Shirley Jackson (December 14, 1919): Jackson is best known for her short story “The Lottery,” which drew a record amount of mail for the New Yorker (where it appeared), and the novels The Haunting of Hill House and We Have Always Lived in the Castle.
Betty Smith (December 15, 1896): In addition to writing the beloved and bestselling coming-of-age novel A Tree Grows in Brooklyn, Smith was an acclaimed playwright, receiving the Rockefeller Fellowship and the Dramatists Guild Fellowship.
Edna O’Brien (December 15, 1930): O’Brien caught attention with her first novel, The Country Girls, which launched a trilogy as well as a career of fiction, short stories, plays, screenplays, and nonfiction.
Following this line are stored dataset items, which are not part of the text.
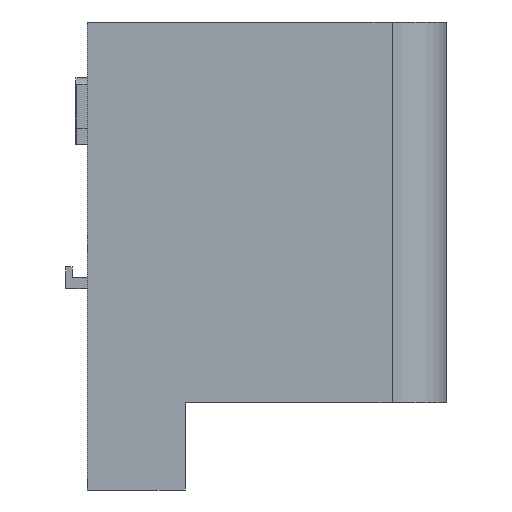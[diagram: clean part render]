
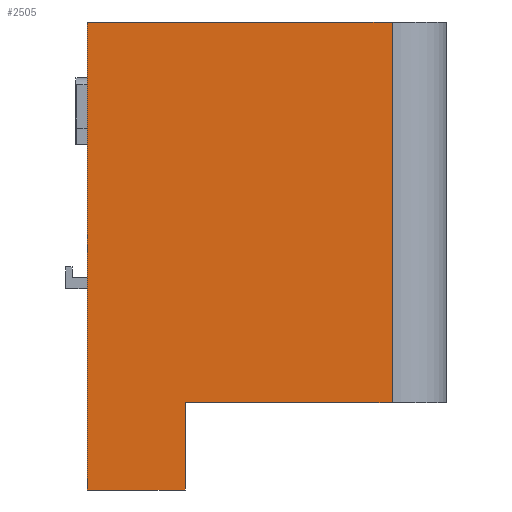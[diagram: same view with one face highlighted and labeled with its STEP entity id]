
A CAD part, left-side view. The second image highlights one B-rep face of the part: STEP entity #2505.
In plain terms, the highlighted planar face has unit normal (-1, 0, 0).
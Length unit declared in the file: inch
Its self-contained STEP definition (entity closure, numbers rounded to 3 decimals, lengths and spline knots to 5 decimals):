
#689 = EDGE_CURVE ( 'NONE', #3145, #3166, #4534, .T. ) ;
#690 = EDGE_CURVE ( 'NONE', #3166, #3103, #4532, .T. ) ;
#692 = EDGE_CURVE ( 'NONE', #2969, #3145, #4540, .T. ) ;
#693 = EDGE_CURVE ( 'NONE', #3103, #3065, #4542, .T. ) ;
#712 = EDGE_CURVE ( 'NONE', #3091, #2969, #4576, .T. ) ;
#2505 = ADVANCED_FACE ( 'NONE', ( #5884 ), #10014, .T. ) ;
#2969 = VERTEX_POINT ( 'NONE', #7611 ) ;
#3065 = VERTEX_POINT ( 'NONE', #7707 ) ;
#3091 = VERTEX_POINT ( 'NONE', #7733 ) ;
#3103 = VERTEX_POINT ( 'NONE', #7745 ) ;
#3145 = VERTEX_POINT ( 'NONE', #7787 ) ;
#3166 = VERTEX_POINT ( 'NONE', #7808 ) ;
#3413 = ORIENTED_EDGE ( 'NONE', *, *, #692, .T. ) ;
#3414 = ORIENTED_EDGE ( 'NONE', *, *, #712, .T. ) ;
#3415 = ORIENTED_EDGE ( 'NONE', *, *, #7172, .T. ) ;
#3416 = ORIENTED_EDGE ( 'NONE', *, *, #693, .T. ) ;
#3417 = ORIENTED_EDGE ( 'NONE', *, *, #690, .T. ) ;
#3418 = ORIENTED_EDGE ( 'NONE', *, *, #689, .T. ) ;
#3717 = EDGE_LOOP ( 'NONE', ( #3418, #3417, #3416, #3415, #3414, #3413 ) ) ;
#4532 = LINE ( 'NONE', #8834, #4536 ) ;
#4534 = LINE ( 'NONE', #8849, #4535 ) ;
#4535 = VECTOR ( 'NONE', #8850, 39.37008 ) ;
#4536 = VECTOR ( 'NONE', #8852, 39.37008 ) ;
#4540 = LINE ( 'NONE', #8855, #4541 ) ;
#4541 = VECTOR ( 'NONE', #8856, 39.37008 ) ;
#4542 = LINE ( 'NONE', #8857, #4543 ) ;
#4543 = VECTOR ( 'NONE', #8858, 39.37008 ) ;
#4576 = LINE ( 'NONE', #10302, #4578 ) ;
#4578 = VECTOR ( 'NONE', #10310, 39.37008 ) ;
#5388 = AXIS2_PLACEMENT_3D ( 'NONE', #10013, #10020, #10021 ) ;
#5884 = FACE_OUTER_BOUND ( 'NONE', #3717, .T. ) ;
#6657 = LINE ( 'NONE', #10714, #6658 ) ;
#6658 = VECTOR ( 'NONE', #10715, 39.37008 ) ;
#7172 = EDGE_CURVE ( 'NONE', #3065, #3091, #6657, .T. ) ;
#7611 = CARTESIAN_POINT ( 'NONE',  ( -1.2, -0.9, -0.8 ) ) ;
#7707 = CARTESIAN_POINT ( 'NONE',  ( -1.2, 0., 3.5 ) ) ;
#7733 = CARTESIAN_POINT ( 'NONE',  ( -1.2, 0., -0.8 ) ) ;
#7745 = CARTESIAN_POINT ( 'NONE',  ( -1.2, -2.8, 3.5 ) ) ;
#7787 = CARTESIAN_POINT ( 'NONE',  ( -1.2, -0.9, 0. ) ) ;
#7808 = CARTESIAN_POINT ( 'NONE',  ( -1.2, -2.8, 0. ) ) ;
#8834 = CARTESIAN_POINT ( 'NONE',  ( -1.2, -2.8, 0. ) ) ;
#8849 = CARTESIAN_POINT ( 'NONE',  ( -1.2, -2.8, 0. ) ) ;
#8850 = DIRECTION ( 'NONE',  ( 0., -1., 0. ) ) ;
#8852 = DIRECTION ( 'NONE',  ( 0., 0., 1. ) ) ;
#8855 = CARTESIAN_POINT ( 'NONE',  ( -1.2, -0.9, 0. ) ) ;
#8856 = DIRECTION ( 'NONE',  ( 0., 0., 1. ) ) ;
#8857 = CARTESIAN_POINT ( 'NONE',  ( -1.2, -2.8, 3.5 ) ) ;
#8858 = DIRECTION ( 'NONE',  ( 0., 1., 0. ) ) ;
#10013 = CARTESIAN_POINT ( 'NONE',  ( -1.2, -2.8, 0. ) ) ;
#10014 = PLANE ( 'NONE',  #5388 ) ;
#10020 = DIRECTION ( 'NONE',  ( -1., 0., 0. ) ) ;
#10021 = DIRECTION ( 'NONE',  ( 0., -1., 0. ) ) ;
#10302 = CARTESIAN_POINT ( 'NONE',  ( -1.2, -2.8, -0.8 ) ) ;
#10310 = DIRECTION ( 'NONE',  ( 0., -1., 0. ) ) ;
#10714 = CARTESIAN_POINT ( 'NONE',  ( -1.2, 0., 0. ) ) ;
#10715 = DIRECTION ( 'NONE',  ( 0., 0., -1. ) ) ;

Jane Austen (December 16, 1775): Austen’s six novels, including most famously Sense and Sensibility and Pride and Prejudice, set a new tone for the genre by depicting ordinary people’s everyday lives.
Arthur C. Clarke (December 16, 1917): Clarke’s short story “The Sentinel” became first the movie 2001: A Space Odyssey and then a full-length book; he’s also known for the novel Childhood’s End and short stories “The Nine Billion Names of God” and “The Star.”
Philip K. Dick (December 16, 1928): Dick’s fame beyond sci-fi circles mostly came posthumously, though The Man in the High Castle (later a TV show) did receive a Hugo Award, and his novel Do Androids Dream of Electric Sheep? was adapted into the movie Blade Runner the same year he died.